SOURCE MATERIAL ::

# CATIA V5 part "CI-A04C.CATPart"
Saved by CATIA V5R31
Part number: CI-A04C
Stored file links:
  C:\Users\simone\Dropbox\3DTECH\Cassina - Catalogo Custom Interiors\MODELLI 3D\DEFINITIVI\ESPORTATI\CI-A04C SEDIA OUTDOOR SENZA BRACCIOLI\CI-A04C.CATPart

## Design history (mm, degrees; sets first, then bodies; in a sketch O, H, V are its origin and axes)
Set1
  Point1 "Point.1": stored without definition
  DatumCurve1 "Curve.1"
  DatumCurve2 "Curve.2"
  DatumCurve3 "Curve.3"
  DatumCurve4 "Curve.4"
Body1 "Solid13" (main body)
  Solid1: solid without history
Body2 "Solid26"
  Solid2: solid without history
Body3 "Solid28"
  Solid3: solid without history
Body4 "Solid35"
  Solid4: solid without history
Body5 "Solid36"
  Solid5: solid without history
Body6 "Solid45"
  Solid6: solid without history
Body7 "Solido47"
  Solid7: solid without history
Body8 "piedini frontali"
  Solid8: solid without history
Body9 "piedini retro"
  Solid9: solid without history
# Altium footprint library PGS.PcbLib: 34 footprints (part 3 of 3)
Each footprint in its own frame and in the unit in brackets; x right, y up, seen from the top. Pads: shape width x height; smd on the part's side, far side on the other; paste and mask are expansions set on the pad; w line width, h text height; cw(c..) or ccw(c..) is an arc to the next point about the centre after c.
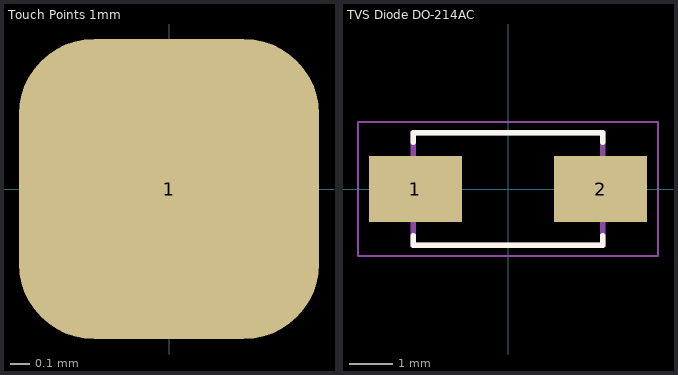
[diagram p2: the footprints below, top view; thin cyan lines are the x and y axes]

## Touch Points 1mm [mil] "Touch Points 0.75mm to1mm"
pads (1):
  rrect50% 60x60 smd: 1(0,0)

## TVS Diode DO-214AC [mm] "TVS Diode BiDirectional LittileFuse SMT 1.5SMC6.8CA DO-214AC 6V8C"
pads (2):
  rect 2.12x1.5 smd: 1(-2.115,0) 2(2.115,0)
Top Overlay:
  lines w0.127: -2.165,-1.07 -2.165,-1.28 2.165,-1.28 2.165,-1.07 ; -2.165,1.07 -2.165,1.28 2.165,1.28 2.165,1.07
Mechanical 13:
  lines w0.127: -2.165,-1.28 2.165,-1.28 2.165,1.28 -2.165,1.28 -2.165,-1.28
Mechanical 15:
  lines w0.05: -3.425,-1.53 3.425,-1.53 3.425,1.53 -3.425,1.53 -3.425,-1.53
3D body "SMAJ12A.STEP": height 2.4, standoff 0, extent -2.605,-1.27 2.605,1.335

WORK ITEM :: Exactly reproduce each record, leaving out any pictures.

RESPONSE ::
# CATIA V5 part "CI-A04C.CATPart"
Saved by CATIA V5R31
Part number: CI-A04C
Stored file links:
  C:\Users\simone\Dropbox\3DTECH\Cassina - Catalogo Custom Interiors\MODELLI 3D\DEFINITIVI\ESPORTATI\CI-A04C SEDIA OUTDOOR SENZA BRACCIOLI\CI-A04C.CATPart

## Design history (mm, degrees; sets first, then bodies; in a sketch O, H, V are its origin and axes)
Set1
  Point1 "Point.1": stored without definition
  DatumCurve1 "Curve.1"
  DatumCurve2 "Curve.2"
  DatumCurve3 "Curve.3"
  DatumCurve4 "Curve.4"
Body1 "Solid13" (main body)
  Solid1: solid without history
Body2 "Solid26"
  Solid2: solid without history
Body3 "Solid28"
  Solid3: solid without history
Body4 "Solid35"
  Solid4: solid without history
Body5 "Solid36"
  Solid5: solid without history
Body6 "Solid45"
  Solid6: solid without history
Body7 "Solido47"
  Solid7: solid without history
Body8 "piedini frontali"
  Solid8: solid without history
Body9 "piedini retro"
  Solid9: solid without history
# Altium footprint library PGS.PcbLib: 34 footprints (part 3 of 3)
Each footprint in its own frame and in the unit in brackets; x right, y up, seen from the top. Pads: shape width x height; smd on the part's side, far side on the other; paste and mask are expansions set on the pad; w line width, h text height; cw(c..) or ccw(c..) is an arc to the next point about the centre after c.
[diagram p2: the footprints below, top view; thin cyan lines are the x and y axes]

## Touch Points 1mm [mil] "Touch Points 0.75mm to1mm"
pads (1):
  rrect50% 60x60 smd: 1(0,0)

## TVS Diode DO-214AC [mm] "TVS Diode BiDirectional LittileFuse SMT 1.5SMC6.8CA DO-214AC 6V8C"
pads (2):
  rect 2.12x1.5 smd: 1(-2.115,0) 2(2.115,0)
Top Overlay:
  lines w0.127: -2.165,-1.07 -2.165,-1.28 2.165,-1.28 2.165,-1.07 ; -2.165,1.07 -2.165,1.28 2.165,1.28 2.165,1.07
Mechanical 13:
  lines w0.127: -2.165,-1.28 2.165,-1.28 2.165,1.28 -2.165,1.28 -2.165,-1.28
Mechanical 15:
  lines w0.05: -3.425,-1.53 3.425,-1.53 3.425,1.53 -3.425,1.53 -3.425,-1.53
3D body "SMAJ12A.STEP": height 2.4, standoff 0, extent -2.605,-1.27 2.605,1.335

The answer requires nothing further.